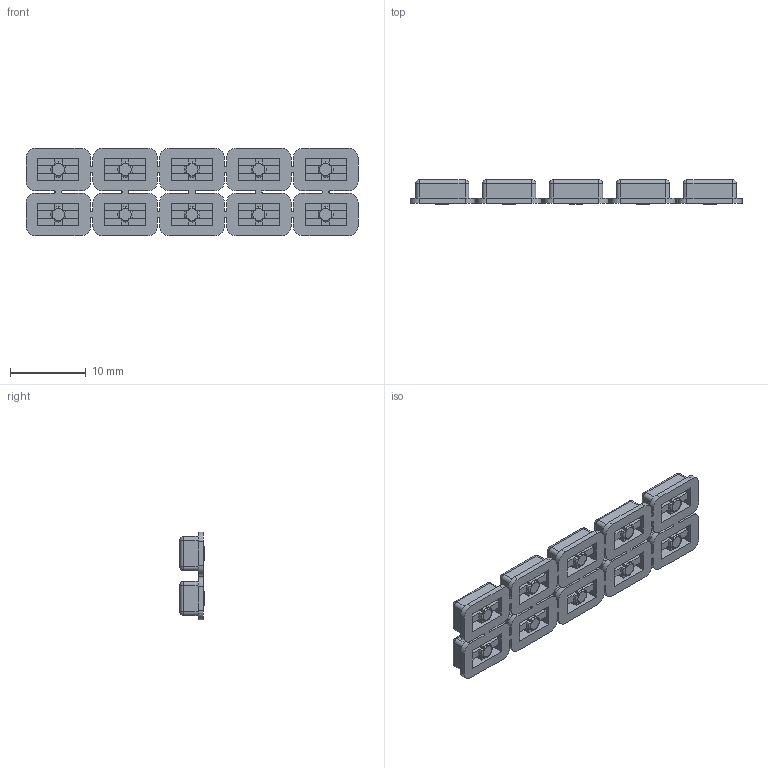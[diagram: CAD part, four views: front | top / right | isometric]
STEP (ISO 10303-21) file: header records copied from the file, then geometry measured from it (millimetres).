
FILE_DESCRIPTION (( 'STEP AP214' ), '1' );
FILE_NAME ('LITE_cap_2x5_0104.STEP', '2022-01-04T03:42:50', ( '' ), ( '' ), 'SwSTEP 2.0', 'SolidWorks 2019', '' );
FILE_SCHEMA (( 'AUTOMOTIVE_DESIGN' ));
Length unit declared in the file: millimetre
Products named in the file (1): LITE_cap_2x5_0104
Bounding box: 43.7 x 3.2 x 11.5 mm (x, y, z)
Volume: 853.3 mm3; surface area: 2160.6 mm2
Topology: 1 solids, 1 shells, 640 faces, 1774 edges, 1116 vertices
Faces by surface type: plane 330, cylinder 220, torus 50, sphere 40
Entity records: 20338 total; most frequent: CARTESIAN_POINT 3891, ORIENTED_EDGE 3468, DIRECTION 3446, EDGE_CURVE 1734, AXIS2_PLACEMENT_3D 1151, LINE 1144, VECTOR 1144, VERTEX_POINT 1116
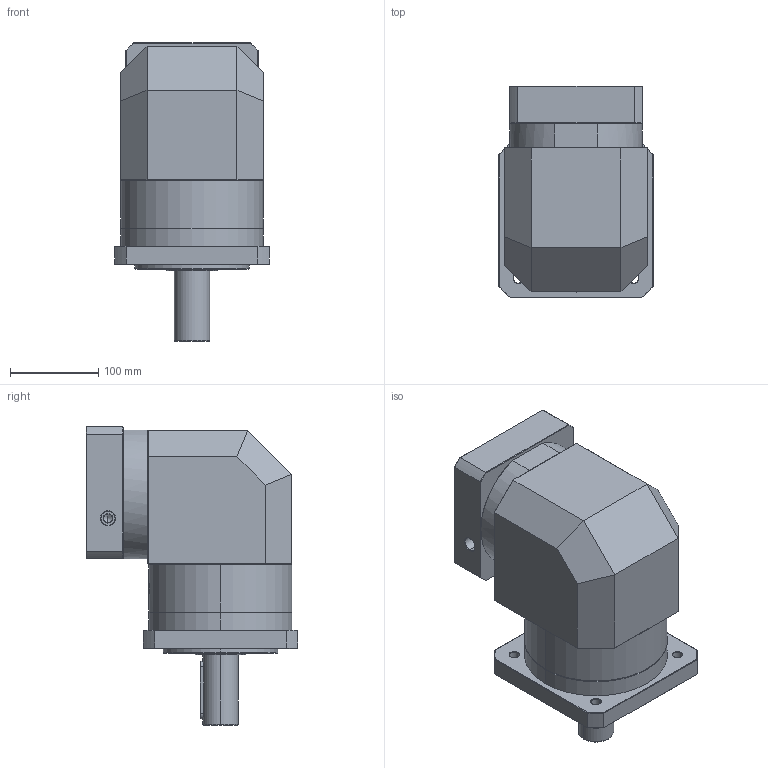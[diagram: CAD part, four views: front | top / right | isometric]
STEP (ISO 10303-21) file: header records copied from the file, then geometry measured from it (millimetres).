
FILE_DESCRIPTION (( 'STEP AP214' ), '1' );
FILE_NAME ('ZFR160A-D40-L1-P2-22-110-145-M8.step', '2023-09-03T08:56:16', ( '' ), ( '' ), 'SwSTEP 2.0', 'SolidWorks 2016', '' );
FILE_SCHEMA (( 'AUTOMOTIVE_DESIGN' ));
Length unit declared in the file: millimetre
Products named in the file (1): ZFR160A-D40-L1-P2-22-110-145-M8
Bounding box: 175 x 239.5 x 338.7 mm (x, y, z)
Volume: 6596048.5 mm3; surface area: 431581.8 mm2
Topology: 6 solids, 6 shells, 2231 faces, 5902 edges, 3778 vertices
Faces by surface type: plane 1048, cylinder 441, bspline 413, cone 307, torus 22
Entity records: 127746 total; most frequent: CARTESIAN_POINT 53490, ORIENTED_EDGE 11744, DIRECTION 8459, EDGE_CURVE 5872, VERTEX_POINT 3778, VECTOR 3117, LINE 3117, AXIS2_PLACEMENT_3D 2671
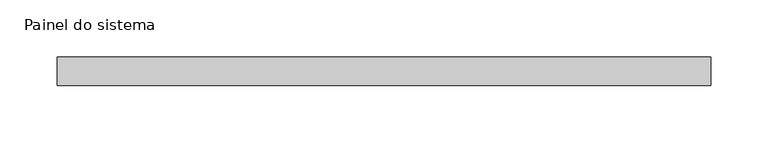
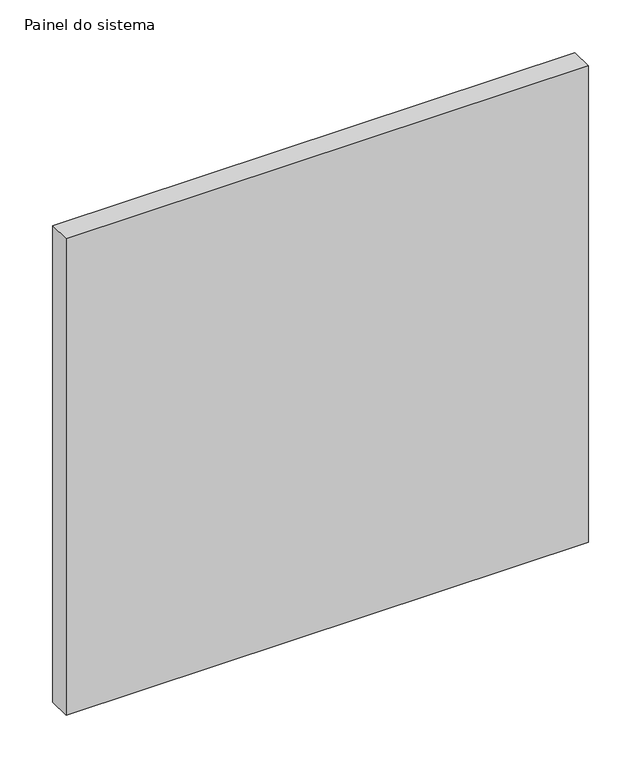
"""IFC4 building model written with IfcOpenShell, lengths in millimetres: plate geometry, Painel do sistema : Envidraçado."""

from ifc_helpers import new_model, si_unit, origin, origin_with_axes, place, context, project, spatial, polyline, outline, extrude, source, transform, mapped, element, save


def painel_do_sistema_e6fc4d10(model_context):
    return source(origin(), model_context, "Body", "SweptSolid", [
        extrude(outline(polyline([(285.4166667, 24.5), (-285.4166667, 24.5), (-285.4166667, 49.5), (285.4166667, 49.5), (285.4166667, 24.5)])), origin_with_axes(), (0.0, 0.0, 1.0), 550.0),
    ])


if __name__ == "__main__":
    model = new_model("IFC4")
    model_context = context("Model", 3, world=origin())
    ifc_project = project(units=[si_unit("LENGTHUNIT", "METRE", prefix="MILLI")], contexts=[model_context])
    site = spatial("IfcSite", under=ifc_project)
    building = spatial("IfcBuilding", under=site)
    placement = place(None, origin())
    painel_do_sistema_shape = painel_do_sistema_e6fc4d10(model_context)
    element("IfcPlate", 1, ObjectType="Painel do sistema : Envidraçado", at=placement, inside=building, context=model_context, shape_type="MappedRepresentation", body=[
        mapped(painel_do_sistema_shape, transform((0.0, 0.0, 0.0), x_axis=(1.0, 0.0, 0.0), y_axis=(0.0, 1.0, 0.0), z_axis=(0.0, 0.0, 1.0))),
    ])
    save(model, "model.ifc")

■ Aim of the exercise:
Skip the pictures and write out exactly the lines from the line containing "Bounding box: 175" through the end of the listing above.

■ Reply to the task:
Bounding box: 175 x 239.5 x 338.7 mm (x, y, z)
Volume: 6596048.5 mm3; surface area: 431581.8 mm2
Topology: 6 solids, 6 shells, 2231 faces, 5902 edges, 3778 vertices
Faces by surface type: plane 1048, cylinder 441, bspline 413, cone 307, torus 22
Entity records: 127746 total; most frequent: CARTESIAN_POINT 53490, ORIENTED_EDGE 11744, DIRECTION 8459, EDGE_CURVE 5872, VERTEX_POINT 3778, VECTOR 3117, LINE 3117, AXIS2_PLACEMENT_3D 2671
"""IFC4 building model written with IfcOpenShell, lengths in millimetres: plate geometry, Painel do sistema : Envidraçado."""

from ifc_helpers import new_model, si_unit, origin, origin_with_axes, place, context, project, spatial, polyline, outline, extrude, source, transform, mapped, element, save


def painel_do_sistema_e6fc4d10(model_context):
    return source(origin(), model_context, "Body", "SweptSolid", [
        extrude(outline(polyline([(285.4166667, 24.5), (-285.4166667, 24.5), (-285.4166667, 49.5), (285.4166667, 49.5), (285.4166667, 24.5)])), origin_with_axes(), (0.0, 0.0, 1.0), 550.0),
    ])


if __name__ == "__main__":
    model = new_model("IFC4")
    model_context = context("Model", 3, world=origin())
    ifc_project = project(units=[si_unit("LENGTHUNIT", "METRE", prefix="MILLI")], contexts=[model_context])
    site = spatial("IfcSite", under=ifc_project)
    building = spatial("IfcBuilding", under=site)
    placement = place(None, origin())
    painel_do_sistema_shape = painel_do_sistema_e6fc4d10(model_context)
    element("IfcPlate", 1, ObjectType="Painel do sistema : Envidraçado", at=placement, inside=building, context=model_context, shape_type="MappedRepresentation", body=[
        mapped(painel_do_sistema_shape, transform((0.0, 0.0, 0.0), x_axis=(1.0, 0.0, 0.0), y_axis=(0.0, 1.0, 0.0), z_axis=(0.0, 0.0, 1.0))),
    ])
    save(model, "model.ifc")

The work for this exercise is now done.